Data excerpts

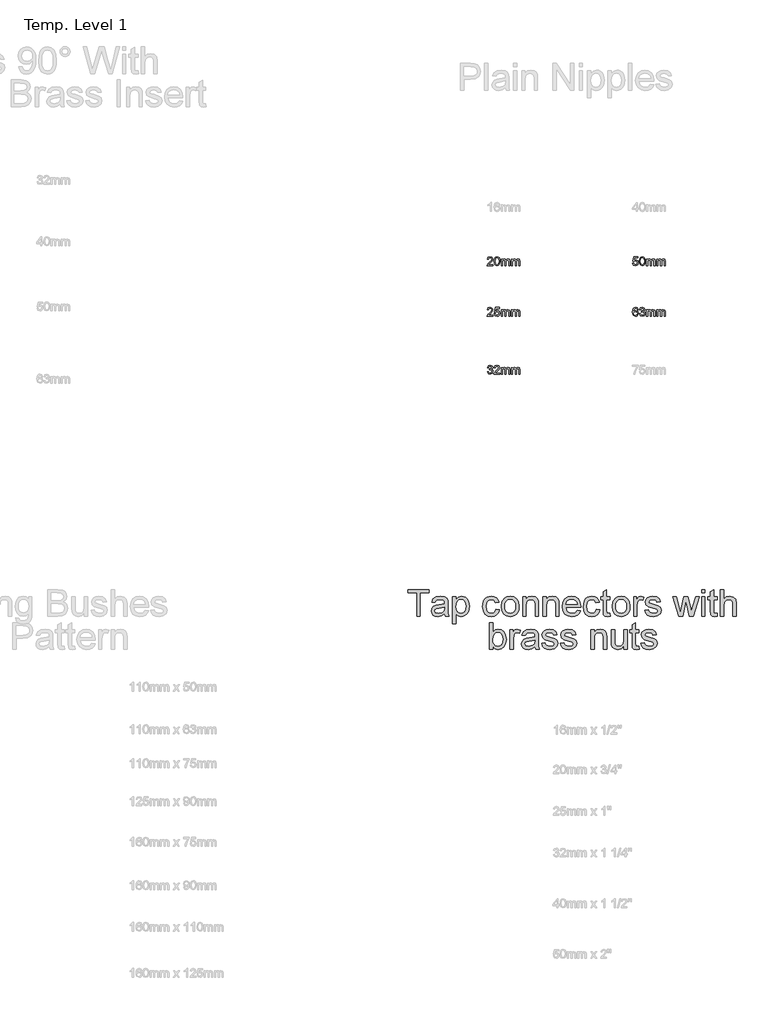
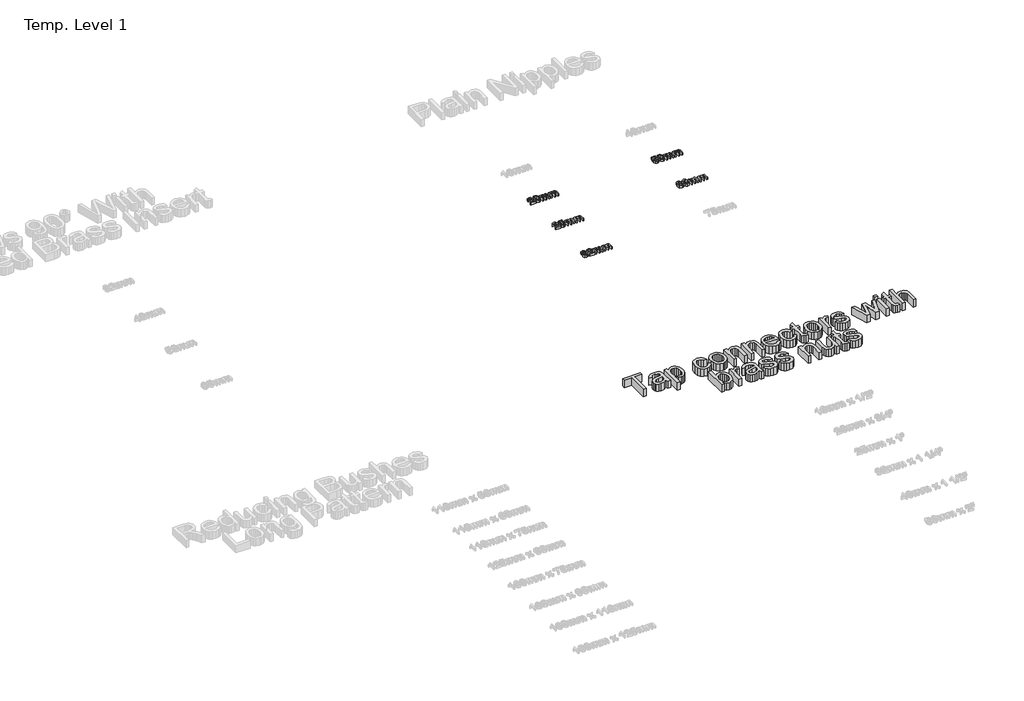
# One storey, part 51 of 62: 6 proxies.
"""IFC4 building model written with IfcOpenShell, lengths in millimetres."""

from ifc_helpers import new_model, si_unit, origin, origin_with_axes, place, context, project, spatial, polyline, outline, extrude, element, save

model = new_model("IFC4")

# Units and contexts
model_context = context("Model", 3, world=origin())
ifc_project = project(units=[si_unit("LENGTHUNIT", "METRE", prefix="MILLI")], contexts=[model_context])

# Site, building, storey
site = spatial("IfcSite", under=ifc_project)
building = spatial("IfcBuilding", under=site)
storey = spatial("IfcBuildingStorey", under=building, Name="Temp. Level 1", Elevation=0.0)

# Proxies
placement = place(None, origin())
element("IfcBuildingElementProxy", 1, Name="150mm Arial", ObjectType="150mm Arial", at=placement, inside=storey, context=model_context, shape_type="SweptSolid", body=[
    extrude(outline(polyline([(26596.1176365, -3979.0446709), (26596.1176365, -3849.8139016), (26547.6560981, -3849.8139016), (26547.6560981, -3831.3523632), (26663.0407135, -3831.3523632), (26663.0407135, -3849.8139016), (26614.579175, -3849.8139016), (26614.579175, -3979.0446709), (26596.1176365, -3979.0446709)])), origin_with_axes(), (0.0, 0.0, 1.0), 50.0),
    extrude(outline(polyline([(26750.7330212, -3965.198517), (26732.8303769, -3977.7105362), (26713.0527327, -3981.3523632), (26697.6245476, -3979.1618584), (26686.2438385, -3972.5903439), (26679.2261101, -3962.6113776), (26676.8868673, -3950.198517), (26680.4205212, -3935.5951516), (26689.7053769, -3924.9941901), (26702.6320596, -3918.9364978), (26718.6056173, -3916.1600555), (26750.6248481, -3909.8139016), (26750.7330212, -3905.7033247), (26749.4619875, -3897.464142), (26745.6488865, -3892.073517), (26737.1212423, -3888.0711132), (26725.2402327, -3886.7369786), (26706.5623481, -3890.2886612), (26697.6560981, -3902.8908247), (26679.1945596, -3900.5831324), (26687.1813385, -3882.5542862), (26703.2630692, -3871.9893824), (26727.6200404, -3868.2754401), (26749.9938385, -3871.5566901), (26762.6320596, -3879.7958728), (26768.2931173, -3892.3259209), (26769.1945596, -3908.479767), (26769.1945596, -3931.448517), (26770.1320596, -3963.5218343), (26773.8099442, -3979.0446709), (26755.3484058, -3979.0446709), (26750.7330212, -3965.198517)]), holes=[polyline([(26750.7330212, -3928.2754401), (26720.9493673, -3933.9364978), (26705.0659538, -3936.9292862), (26697.8724442, -3941.7970747), (26695.3484058, -3948.9004401), (26700.8472038, -3958.8884209), (26716.9830212, -3962.8908247), (26735.6609058, -3958.4737574), (26747.704175, -3947.7826516), (26750.6248481, -3933.5038055), (26750.7330212, -3928.2754401)])]), origin_with_axes(), (0.0, 0.0, 1.0), 50.0),
    extrude(outline(polyline([(26794.579175, -4020.5831324), (26794.579175, -3870.5831324), (26813.0407135, -3870.5831324), (26813.0407135, -3888.6840939), (26825.8051365, -3873.3776036), (26843.0407135, -3868.2754401), (26855.5256894, -3870.0602959), (26866.4421558, -3875.4148632), (26875.3303769, -3884.0146228), (26881.7306173, -3895.5350555), (26886.8868673, -3923.9845747), (26885.431038, -3939.7733367), (26881.06355, -3953.8944305), (26873.9241269, -3965.6312093), (26864.1524923, -3974.2670266), (26852.7717832, -3979.581029), (26840.8051365, -3981.3523632), (26824.7414346, -3976.6107766), (26813.0407135, -3964.6215939), (26813.0407135, -4020.5831324), (26794.579175, -4020.5831324)]), holes=[polyline([(26813.0407135, -3925.6792862), (26815.0374082, -3942.229767), (26821.0274923, -3953.8042862), (26829.8661341, -3960.6191901), (26840.4085019, -3962.8908247), (26851.1221438, -3960.5380603), (26860.1861462, -3953.479767), (26866.3655332, -3941.4815699), (26868.4253288, -3924.3090939), (26866.4151125, -3907.8487574), (26860.3844635, -3896.1119786), (26851.5593433, -3889.0807286), (26841.1657135, -3886.7369786), (26830.7315188, -3889.2294665), (26821.5683577, -3896.7069305), (26815.1726245, -3908.9349954), (26813.0407135, -3925.6792862)])]), origin_with_axes(), (0.0, 0.0, 1.0), 50.0),
    extrude(outline(polyline([(27034.579175, -3939.8139016), (27053.0407135, -3942.1215939), (27047.8934779, -3958.5413656), (27038.2210019, -3970.9497189), (27024.9337423, -3978.7517021), (27008.9421558, -3981.3523632), (26989.3042351, -3977.7240579), (26973.9481654, -3966.839142), (26964.0368072, -3949.17538), (26960.7330212, -3925.2105362), (26966.37605, -3894.5434689), (26973.4974442, -3883.0455723), (26983.5755692, -3874.8379401), (26995.6323601, -3869.9160651), (27008.6897519, -3868.2754401), (27024.2892111, -3870.5290459), (27036.7606654, -3877.2898632), (27045.7074803, -3888.1973151), (27050.7330212, -3902.8908247), (27032.2714827, -3905.198517), (27023.7077808, -3891.370392), (27008.8339827, -3886.7369786), (26996.9033938, -3889.0176276), (26987.4337423, -3895.8595747), (26981.2543553, -3907.6324112), (26979.1945596, -3924.7057286), (26981.2092832, -3942.0089137), (26987.2534538, -3953.8223151), (26996.5518313, -3960.6236973), (27008.329175, -3962.8908247), (27017.8889707, -3961.4755603), (27025.7270115, -3957.229767), (27031.4286341, -3950.0452718), (27034.579175, -3939.8139016)])), origin_with_axes(), (0.0, 0.0, 1.0), 50.0),
    extrude(outline(polyline([(27064.579175, -3924.8139016), (27068.5725644, -3898.6630603), (27080.5527327, -3880.2826516), (27095.3544154, -3871.277243), (27113.0767712, -3868.2754401), (27132.4713024, -3871.9307887), (27147.9625885, -3882.8968343), (27158.1173361, -3900.3081925), (27161.5022519, -3923.2994786), (27160.0058577, -3941.9503199), (27155.516675, -3956.1480362), (27148.165413, -3966.7805483), (27138.0827808, -3974.7357766), (27126.1071197, -3979.6982165), (27113.0767712, -3981.3523632), (27093.4478649, -3977.7105362), (27077.9746077, -3966.7850555), (27067.9280332, -3949.0086132), (27064.579175, -3924.8139016)]), holes=[polyline([(27083.0407135, -3924.7778439), (27085.1771317, -3941.4860771), (27091.5863865, -3953.3896228), (27101.2318192, -3960.5155242), (27113.0767712, -3962.8908247), (27124.8676365, -3960.5020026), (27134.4950404, -3953.3355362), (27140.9042952, -3941.2742382), (27143.0407135, -3924.2009209), (27140.8907736, -3907.9794665), (27134.4409538, -3896.2381805), (27124.8000284, -3889.112279), (27113.0767712, -3886.7369786), (27101.2318192, -3889.1032646), (27091.5863865, -3896.2021228), (27085.1771317, -3908.0786252), (27083.0407135, -3924.7778439)])]), origin_with_axes(), (0.0, 0.0, 1.0), 50.0),
    extrude(outline(polyline([(27182.2714827, -3979.0446709), (27182.2714827, -3870.5831324), (27200.7330212, -3870.5831324), (27200.7330212, -3885.7273632), (27214.8496077, -3872.6384209), (27234.1224442, -3868.2754401), (27251.5563385, -3871.7910651), (27263.4553769, -3881.0218343), (27268.9902327, -3894.5975555), (27269.9637904, -3912.4461132), (27269.9637904, -3979.0446709), (27251.5022519, -3979.0446709), (27251.5022519, -3914.9340939), (27249.3748481, -3898.5999593), (27241.8568192, -3889.964142), (27229.1825404, -3886.7369786), (27218.3697399, -3888.5488776), (27209.1524923, -3893.9845747), (27202.8378889, -3904.4863776), (27200.7330212, -3921.4965939), (27200.7330212, -3979.0446709), (27182.2714827, -3979.0446709)])), origin_with_axes(), (0.0, 0.0, 1.0), 50.0),
    extrude(outline(polyline([(27295.3484058, -3979.0446709), (27295.3484058, -3870.5831324), (27313.8099442, -3870.5831324), (27313.8099442, -3885.7273632), (27327.9265308, -3872.6384209), (27347.1993673, -3868.2754401), (27364.6332615, -3871.7910651), (27376.5323, -3881.0218343), (27382.0671558, -3894.5975555), (27383.0407135, -3912.4461132), (27383.0407135, -3979.0446709), (27364.579175, -3979.0446709), (27364.579175, -3914.9340939), (27362.4517712, -3898.5999593), (27354.9337423, -3889.964142), (27342.2594635, -3886.7369786), (27331.446663, -3888.5488776), (27322.2294154, -3893.9845747), (27315.914812, -3904.4863776), (27313.8099442, -3921.4965939), (27313.8099442, -3979.0446709), (27295.3484058, -3979.0446709)])), origin_with_axes(), (0.0, 0.0, 1.0), 50.0),
    extrude(outline(polyline([(27484.3628288, -3946.7369786), (27502.4637904, -3949.0446709), (27495.9418553, -3962.683493), (27485.5347038, -3972.8788055), (27471.4767111, -3979.2339737), (27454.0022519, -3981.3523632), (27432.3405933, -3977.6970146), (27415.672925, -3966.7309689), (27405.0449202, -3949.1663656), (27401.5022519, -3925.7153439), (27405.0809779, -3901.4755603), (27415.8171558, -3883.3475555), (27432.2594635, -3872.0434689), (27452.9565788, -3868.2754401), (27473.009163, -3872.0344545), (27489.0323, -3883.3114978), (27499.5386101, -3901.4034449), (27503.0407135, -3925.6071709), (27502.9325404, -3930.5831324), (27419.9637904, -3930.5831324), (27423.1594034, -3944.402243), (27430.5827808, -3954.5614978), (27441.2964226, -3960.808493), (27454.3628288, -3962.8908247), (27472.4637904, -3959.0326516), (27484.3628288, -3946.7369786)]), holes=[polyline([(27419.9637904, -3912.1215939), (27484.579175, -3912.1215939), (27482.0821798, -3902.3679882), (27477.1873481, -3895.3908247), (27466.4241269, -3888.9004401), (27452.8844635, -3886.7369786), (27440.4400524, -3888.4632406), (27430.1500885, -3893.6420266), (27422.9971438, -3901.7144425), (27419.9637904, -3912.1215939)])]), origin_with_axes(), (0.0, 0.0, 1.0), 50.0),
    extrude(outline(polyline([(27590.7330212, -3939.8139016), (27609.1945596, -3942.1215939), (27604.047324, -3958.5413656), (27594.3748481, -3970.9497189), (27581.0875885, -3978.7517021), (27565.0960019, -3981.3523632), (27545.4580813, -3977.7240579), (27530.1020115, -3966.839142), (27520.1906534, -3949.17538), (27516.8868673, -3925.2105362), (27522.5298962, -3894.5434689), (27529.6512904, -3883.0455723), (27539.7294154, -3874.8379401), (27551.7862063, -3869.9160651), (27564.8435981, -3868.2754401), (27580.4430572, -3870.5290459), (27592.9145115, -3877.2898632), (27601.8613264, -3888.1973151), (27606.8868673, -3902.8908247), (27588.4253288, -3905.198517), (27579.8616269, -3891.370392), (27564.9878288, -3886.7369786), (27553.0572399, -3889.0176276), (27543.5875885, -3895.8595747), (27537.4082014, -3907.6324112), (27535.3484058, -3924.7057286), (27537.3631293, -3942.0089137), (27543.4073, -3953.8223151), (27552.7056774, -3960.6236973), (27564.4830212, -3962.8908247), (27574.0428168, -3961.4755603), (27581.8808577, -3957.229767), (27587.5824803, -3950.0452718), (27590.7330212, -3939.8139016)])), origin_with_axes(), (0.0, 0.0, 1.0), 50.0),
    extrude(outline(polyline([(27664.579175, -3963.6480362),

Task objective ->
Return every line above that contains the word "contexts".

Response to the task ->
# Units and contexts
ifc_project = project(units=[si_unit("LENGTHUNIT", "METRE", prefix="MILLI")], contexts=[model_context])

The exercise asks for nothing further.